To understand these terms intuitively, let’s continue to enjoy soup. The flavoring of a soup containing only salt would be much easier to discern than a Chinese soup with five spices. Problem difficulty measures the complexity of the soup, regardless of how we stir it or the spoon size. Data quantity captures the spoon size, relative to the size of the cooking container. This shift of emphasis from only the sample size n to the sample fraction n/N, which depends critically on the population size N, is the key to LLP.

The most critical index and also the hardest one to assess is data quality, a measure of the lack of thorough stirring. Imagine some spice clumps did not dissolve completely in the cooking, and if they have more chance of getting caught by the cook’s spoon, then what the cook tastes is likely to be spicier than the soup actually is. For polling, if people who prefer candidate B over A are more (or less) likely to provide their opinions, than the polling will overpredict (or underpredict) the vote shares for B than for A. This tendency can be measured by the so-called Pearson correlation—let’s denote it by r—between preferring B and responding (honestly) to the poll. The higher the value of |r| (the magnitude of r), the larger the polling error. A positive r indicates overestimation, and a negative r underestimation.

The whole idea of stirring thoroughly or random sampling is to ensure r is negligible, or technically to ensure it is on the order of the reciprocal of the square root of N. Statistically, this is as small as it can be since we have to allow some sampling randomness. For example, for N=230 million, |r| should be less than one out of 15,000. However, for the 2016 election polling, r was –0.005, or about one out of 200 in magnitude for predicting Trump’s vote shares, as estimated in my article (based on polls carried out by YouGov). Whereas a half a percent correlation seems tiny, its impact is magnified greatly when multiplied by the square-root of N.

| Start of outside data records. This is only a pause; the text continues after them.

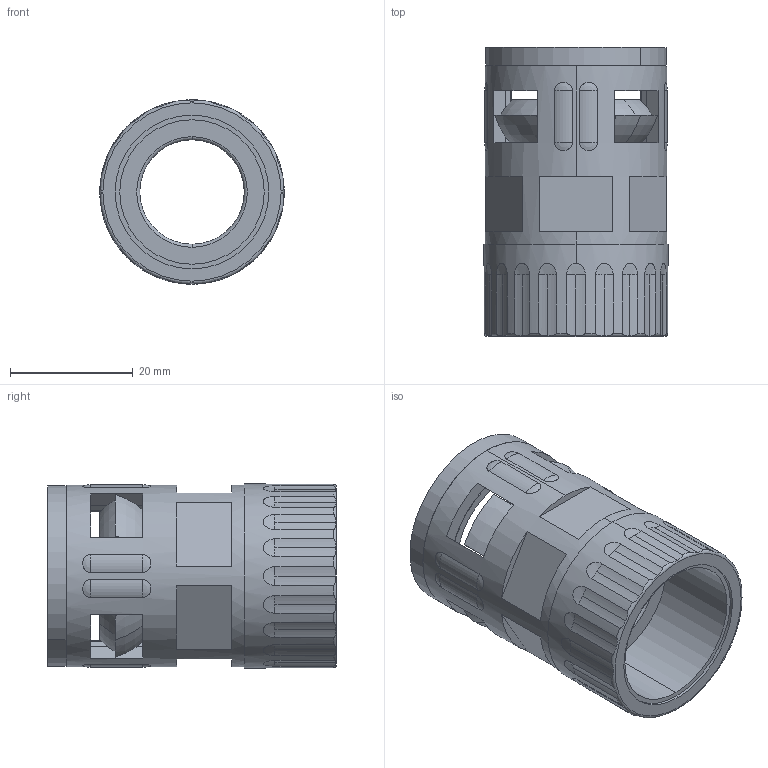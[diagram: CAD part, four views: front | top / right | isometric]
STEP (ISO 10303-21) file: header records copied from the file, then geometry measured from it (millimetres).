
FILE_DESCRIPTION (( 'STEP AP203' ), '1' );
FILE_NAME ('WQG2-M25-AD21.2.STEP', '2020-03-09T06:54:57', ( '' ), ( '' ), 'SwSTEP 2.0', 'SolidWorks 2016', '' );
FILE_SCHEMA (( 'CONFIG_CONTROL_DESIGN' ));
Length unit declared in the file: millimetre
Products named in the file (4): NSK-AD21.2; WQG2-M25-AD21.2-01; WQG2-M25-AD21.2; GFD-AD21.2
Assembly tree (3 placements, depth 2):
  WQG2-M25-AD21.2
    WQG2-M25-AD21.2-01
    GFD-AD21.2
    NSK-AD21.2
Bounding box: 30 x 47 x 30 mm (x, y, z)
Volume: 13128.8 mm3; surface area: 16096.4 mm2
Topology: 6 solids, 7 shells, 333 faces, 868 edges, 524 vertices
Faces by surface type: plane 100, cylinder 80, cone 77, torus 40, sphere 36
Entity records: 11472 total; most frequent: CARTESIAN_POINT 3085, DIRECTION 1754, ORIENTED_EDGE 1632, EDGE_CURVE 816, AXIS2_PLACEMENT_3D 709, VERTEX_POINT 508, CIRCLE 370, EDGE_LOOP 368
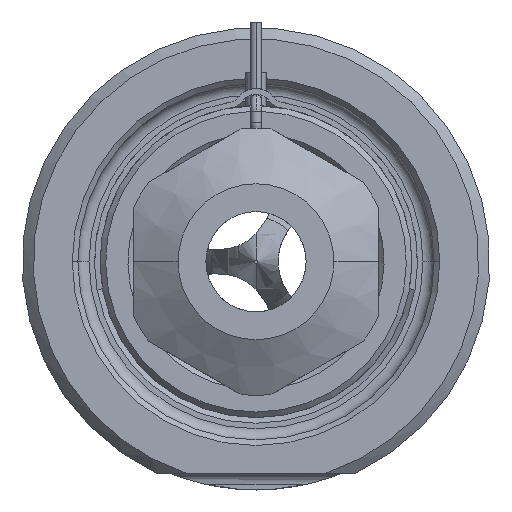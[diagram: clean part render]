
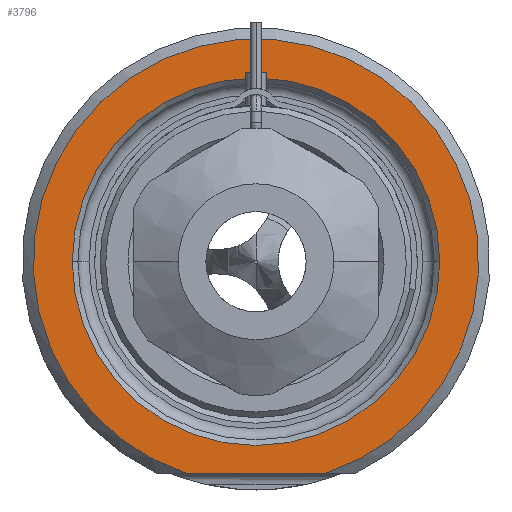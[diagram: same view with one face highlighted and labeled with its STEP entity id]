
A CAD part, front view. The second image highlights one B-rep face of the part: STEP entity #3796.
In plain terms, the highlighted planar face has unit normal (0, -1, 0).
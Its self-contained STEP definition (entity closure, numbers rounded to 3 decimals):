
#1=DIRECTION('',(1.,0.,0.));
#2=VECTOR('',#1,12.49);
#3=CARTESIAN_POINT('',(-6.245,0.,-19.));
#4=LINE('',#3,#2);
#5=CARTESIAN_POINT('',(0.,0.,0.));
#6=DIRECTION('',(0.,1.,0.));
#7=DIRECTION('',(-1.,0.,0.));
#8=AXIS2_PLACEMENT_3D('',#5,#6,#7);
#10=CARTESIAN_POINT('',(0.,0.,0.));
#11=DIRECTION('',(0.,1.,0.));
#12=DIRECTION('',(1.,0.,0.));
#13=AXIS2_PLACEMENT_3D('',#10,#11,#12);
#119=CARTESIAN_POINT('',(0.,0.,0.));
#120=DIRECTION('',(0.,-1.,0.));
#121=DIRECTION('',(0.312,0.,-0.95));
#122=AXIS2_PLACEMENT_3D('',#119,#120,#121);
#3187=CARTESIAN_POINT('',(-16.5,0.,0.));
#3188=CARTESIAN_POINT('',(16.5,0.,0.));
#3189=VERTEX_POINT('',#3187);
#3190=VERTEX_POINT('',#3188);
#3241=CARTESIAN_POINT('',(-6.245,0.,-19.));
#3242=CARTESIAN_POINT('',(6.245,0.,-19.));
#3243=VERTEX_POINT('',#3241);
#3244=VERTEX_POINT('',#3242);
#3779=CARTESIAN_POINT('',(0.,0.,0.));
#3780=DIRECTION('',(0.,-1.,0.));
#3781=DIRECTION('',(1.,0.,0.));
#3782=AXIS2_PLACEMENT_3D('',#3779,#3780,#3781);
#3783=PLANE('',#3782);
#3785=ORIENTED_EDGE('',*,*,#3784,.F.);
#3787=ORIENTED_EDGE('',*,*,#3786,.F.);
#3788=EDGE_LOOP('',(#3785,#3787));
#3789=FACE_OUTER_BOUND('',#3788,.F.);
#3791=ORIENTED_EDGE('',*,*,#3790,.F.);
#3793=ORIENTED_EDGE('',*,*,#3792,.F.);
#3794=EDGE_LOOP('',(#3791,#3793));
#3795=FACE_BOUND('',#3794,.F.);
#3796=ADVANCED_FACE('',(#3789,#3795),#3783,.T.);
#9=CIRCLE('',#8,16.5);
#14=CIRCLE('',#13,16.5);
#123=CIRCLE('',#122,20.);
#3784=EDGE_CURVE('',#3243,#3244,#4,.T.);
#3786=EDGE_CURVE('',#3244,#3243,#123,.T.);
#3790=EDGE_CURVE('',#3189,#3190,#9,.T.);
#3792=EDGE_CURVE('',#3190,#3189,#14,.T.);

As an illustration of this impact, my article calculated how much statistical accuracy was reduced by |r|=0.005. Opinions from 2.3 million responses (about 1 percent of the eligible voting population in 2016) with |r|=0.005 have the same expected polling error as that resulting from 400 responses in a genuinely random sample. This is a 99.98 percent reduction of the actual sample sizes, an astonishing loss by any standard. A quality poll of size 400 still can deliver reliable predictions, but no (qualified) campaign manager would stop campaigning because a poll of size 400 predicts winning. But they may (and indeed some did) stop when the winning prediction is from 2.3 million responses, which amount to 2,300 polls that each have 1,000 responses.

What was generally overlooked in 2016, and unfortunately again in 2020 (but see this article in Harvard Data Science Review), is the devastating impact of LLP. Statistical sampling errors tend to balance out when we increase the sample size, but systematic selection bias only solidifies when sample size increases. Worse, the selection bias is magnified by the population size: the larger the population, the larger the magnification. That is the essence of LLP.

When a bit of soup finds itself on a cook’s spoon, it cannot tell itself that “Well, I’m a bit too salty, so let me jump out!” But in an opinion poll, there is nothing to stop someone from opting out because of the fear of the (perceived) consequences of revealing a particular answer. Until our society knows how to remove such fear, or the pollsters can routinely and reliably adjust for such selective responses, we can all be wiser citizens of the digital age by always taking polling results with a healthy dose of salt.